### What you are asked to do
In the listing below, identify each line with the word "color" and return those lines.

### Data
—————
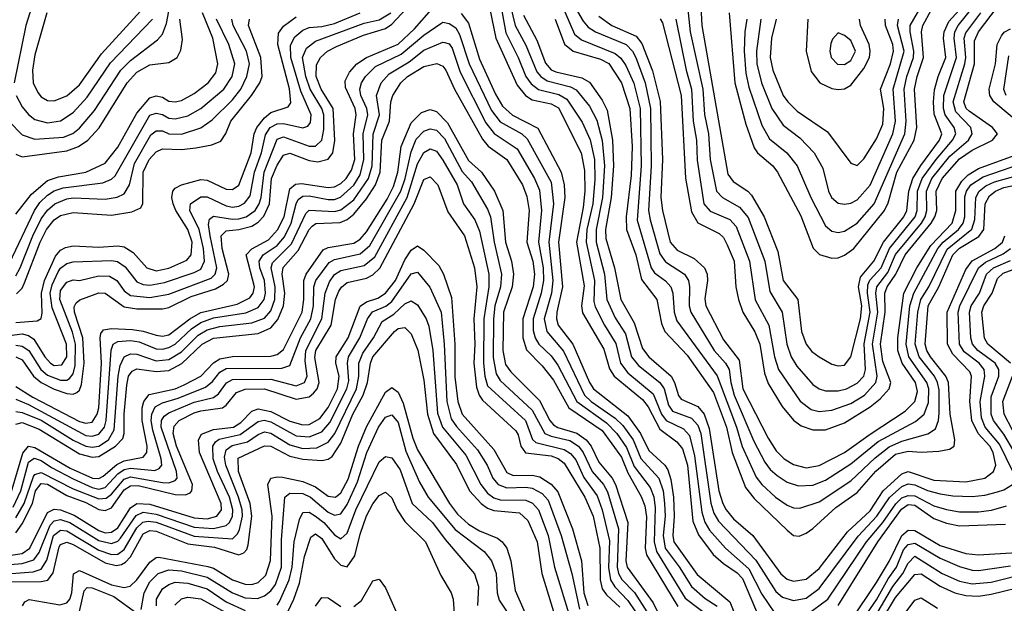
# Model space of a CAD drawing. Header units: inches. Extents: x 990535 to 1117859, y 769386 to 892122.
# Tile 979 of 1056: x 1064642 to 1067731, y 883577 to 885408. Entities that reach past the tile are written whole.
import ezdxf

# ---------------------------------------------------------------- set-up
doc = ezdxf.new("R2010")
doc.units = ezdxf.units.IN
doc.header["$MEASUREMENT"] = 0
doc.layers.add('B0868', color=7, linetype='Continuous')

msp = doc.modelspace()

# ---------------------------------------------------------------- linework, layer by layer
at = {"layer": 'B0868', "color": 5}
for points, elevation in [([(1064610, 886140.8), (1064730, 886195.1), (1064830, 886208.1), (1064870, 886202.6), (1064970, 886162), (1065001.1, 886141.1), (1065024.3, 886110), (1065026.1, 886090), (1065016, 886070), (1064985.6, 886034.4), (1064964.4, 885995.6), (1064941.3, 885910), (1064923.4, 885870), (1064754.2, 885550), (1064693.7, 885470), (1064673.6, 885430), (1064661.7, 885390), (1064625, 885210)], 4160), ([(1066152.8, 885572.8), (1066196.3, 885390), (1066230, 885327.9), (1066264.9, 885244.9), (1066276.8, 885230), (1066296.5, 885216.5), (1066370, 885197.3), (1066388, 885188), (1066430, 885136.6), (1066453.1, 885093.1), (1066469.6, 885029.6), (1066476.8, 884950), (1066470.3, 884850), (1066450.3, 884750), (1066450.7, 884710), (1066477, 884610), (1066484.3, 884530), (1066510, 884472.2), (1066542.7, 884422.7), (1066561.4, 884350), (1066583.1, 884323.1), (1066650.3, 884270), (1066663.9, 884250), (1066678.1, 884198.1), (1066690, 884179.7), (1066750, 884158.1), (1066770, 884136.3), (1066778.8, 884110), (1066810.7, 883890.7), (1066820, 883860), (1066834.1, 883834.1), (1066952.1, 883712.1), (1067014.2, 883614.2), (1067035.6, 883595.6), (1067070, 883585.4), (1067110, 883592.9), (1067150, 883623), (1067272.4, 883787.6), (1067331.3, 883850), (1067370.7, 883909.3), (1067410, 883943.4), (1067430, 883951.5), (1067450, 883948.6), (1067490, 883931), (1067530, 883920.1), (1067570, 883913.7), (1067630, 883912), (1067670, 883915.8), (1067710, 883926.1), (1067730, 883932.9), (1067756.5, 883950)], 3960), ([(1064609, 885089), (1064650, 885046.5), (1064690, 885033.6), (1064779.9, 885040.1), (1064808.7, 885051.3), (1064830, 885067.6), (1064876.7, 885123.3), (1064959.8, 885250), (1064990, 885280.2), (1065074.7, 885345.3), (1065090, 885362.5), (1065103.2, 885396.8), (1065128.1, 885530)], 4140), ([(1066359.5, 885490), (1066410, 885403.4), (1066425.3, 885385.3), (1066448.3, 885370), (1066544.7, 885330), (1066564.4, 885310), (1066575.2, 885290), (1066604.2, 885210), (1066620.8, 885130), (1066623.7, 884950), (1066615.4, 884810), (1066619.9, 884779.9), (1066650, 884673.9), (1066668.5, 884648.5), (1066727.6, 884610), (1066740.1, 884590), (1066743.9, 884570), (1066742.9, 884510), (1066748.2, 884490), (1066820.7, 884370), (1066856.9, 884330), (1066868.4, 884310), (1066872.7, 884270), (1066883.6, 884230), (1066945.4, 884085.4), (1066980.2, 884020.2), (1066997, 883997), (1067018.3, 883978.3), (1067050, 883957.1), (1067085.1, 883945.1), (1067130, 883947.7), (1067170, 883963.1), (1067250, 884014.4), (1067335.8, 884084.2), (1067452.7, 884147.3), (1067479.3, 884170), (1067493, 884207), (1067494.2, 884250), (1067487.8, 884270), (1067431.2, 884350), (1067422.9, 884390), (1067434.7, 884510), (1067447.5, 884550), (1067522.4, 884690), (1067539.3, 884710), (1067587.3, 884750), (1067601.5, 884770), (1067607.6, 884790), (1067607.5, 884852.5), (1067612.2, 884870), (1067625.9, 884890), (1067664.5, 884915.5), (1067810, 884965.6)], 4060), ([(1064630, 884257.1), (1064683.3, 884223.3), (1064830, 884147.3), (1064850, 884141.7), (1064870, 884145.6), (1064885.5, 884170), (1064890.6, 884190), (1064898.6, 884330), (1064894.3, 884410), (1064896.5, 884423.5), (1064904.8, 884435.2), (1064930, 884439.5), (1064995.9, 884435.9), (1065030, 884431.3), (1065070, 884417.8), (1065090, 884415.1), (1065110, 884419.5), (1065176.1, 884470), (1065210, 884489), (1065324, 884516), (1065364.1, 884535.9), (1065374.7, 884550), (1065378.5, 884570), (1065352.4, 884670), (1065370.7, 884689.3), (1065422.4, 884717.6), (1065451.5, 884748.6), (1065471.5, 884790), (1065490, 884877), (1065507.9, 884892.1), (1065525.9, 884894.1), (1065610, 884881.2), (1065630, 884883.7), (1065650, 884894.2), (1065666.6, 884910), (1065683.5, 884936.5), (1065693.4, 884970), (1065689.7, 885050.3), (1065697.3, 885110), (1065694.2, 885130), (1065664.2, 885195.8), (1065663.8, 885216.2), (1065676.6, 885243.4), (1065700.3, 885270), (1065730.3, 885289.7), (1065830, 885331.8), (1065880.9, 885379.1), (1065950, 885458.3)], 3880), ([(1066110, 885478.3), (1066136.3, 885350), (1066203, 885203), (1066229.2, 885170), (1066250, 885157.3), (1066310, 885144.1), (1066332.2, 885132.2), (1066403.3, 884990), (1066414.6, 884934.6), (1066415.4, 884870), (1066410, 884818.5), (1066389.2, 884710), (1066412.6, 884572.6), (1066404.5, 884510), (1066407.9, 884487.9), (1066474.3, 884374.3), (1066492.5, 884312.5), (1066507.4, 884290), (1066596.3, 884216.3), (1066613.6, 884193.6), (1066650, 884123), (1066703.9, 884083.9), (1066721.1, 884061.1), (1066736.9, 884010), (1066754.1, 883834.1), (1066771.3, 883791.3), (1066817.6, 883730), (1066850, 883701.3), (1066892.6, 883672.6), (1066910, 883654.3), (1066976.8, 883496.8)], 3920), ([(1066148.4, 885470), (1066167, 885367), (1066205.8, 885290), (1066230, 885230), (1066246.8, 885206.8), (1066269.4, 885189.4), (1066333.3, 885173.3), (1066359.2, 885159.2), (1066406.5, 885086.5), (1066431.7, 885031.7), (1066445.2, 884970), (1066446.3, 884906.3), (1066440, 884830), (1066421.8, 884750), (1066419.1, 884710), (1066445, 884590), (1066443.8, 884523.8), (1066447.5, 884507.5), (1066476.4, 884450), (1066512.4, 884392.4), (1066526.9, 884330), (1066550, 884299.7), (1066630, 884234.3), (1066655.6, 884170), (1066670, 884150), (1066724.4, 884124.4), (1066743.3, 884103.3), (1066759.3, 884039.3), (1066782.3, 883862.3), (1066791.6, 883831.6), (1066806.4, 883806.4), (1066856.5, 883750), (1066930, 883685.4), (1066970, 883605), (1067010, 883546.7)], 3940), ([(1066651, 885411), (1066658.5, 885398.5), (1066717.4, 885170), (1066731.3, 884911.3), (1066750, 884804.8), (1066770, 884770.5), (1066836.9, 884736.9), (1066850, 884725), (1066862, 884702), (1066883.5, 884650), (1066888.7, 884570), (1066897.2, 884530), (1066910.6, 884490), (1066948.3, 884428.3), (1066964.6, 884390), (1066978.8, 884298.8), (1066990, 884266.7), (1067034, 884194), (1067070, 884152), (1067094.2, 884134.2), (1067130, 884121.1), (1067170, 884121.2), (1067230, 884143.4), (1067310, 884193.5), (1067341.2, 884218.8), (1067369.7, 884250), (1067375.1, 884270), (1067350, 884335.9), (1067342.8, 884390), (1067357.1, 884490), (1067356.5, 884550), (1067364, 884570), (1067391.1, 884610), (1067419.9, 884670), (1067502.1, 884770), (1067513.2, 884790), (1067519, 884810), (1067517.1, 884870), (1067536.3, 884910), (1067590, 884971.6), (1067630, 884998.5), (1067694.4, 885030), (1067709.9, 885050), (1067693.9, 885070), (1067620.7, 885120.7), (1067611.1, 885130), (1067604.1, 885150), (1067637.4, 885270), (1067637.8, 885342.2), (1067650.4, 885370), (1067710, 885448.8)], 4120), ([(1066737.2, 885450), (1066745.1, 885370), (1066785.1, 885190), (1066790.4, 885110.4), (1066803.1, 885050), (1066808.1, 884970), (1066827.7, 884870), (1066846.9, 884850), (1066900.4, 884820.4), (1066927.9, 884787.9), (1066979.9, 884650), (1066995.5, 884555.5), (1067034.3, 884490), (1067049.3, 884390), (1067062.8, 884350), (1067080.7, 884320.7), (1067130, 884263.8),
—————
### Answer to this problem
doc.layers.add('B0868', color=7, linetype='Continuous')
at = {"layer": 'B0868', "color": 5}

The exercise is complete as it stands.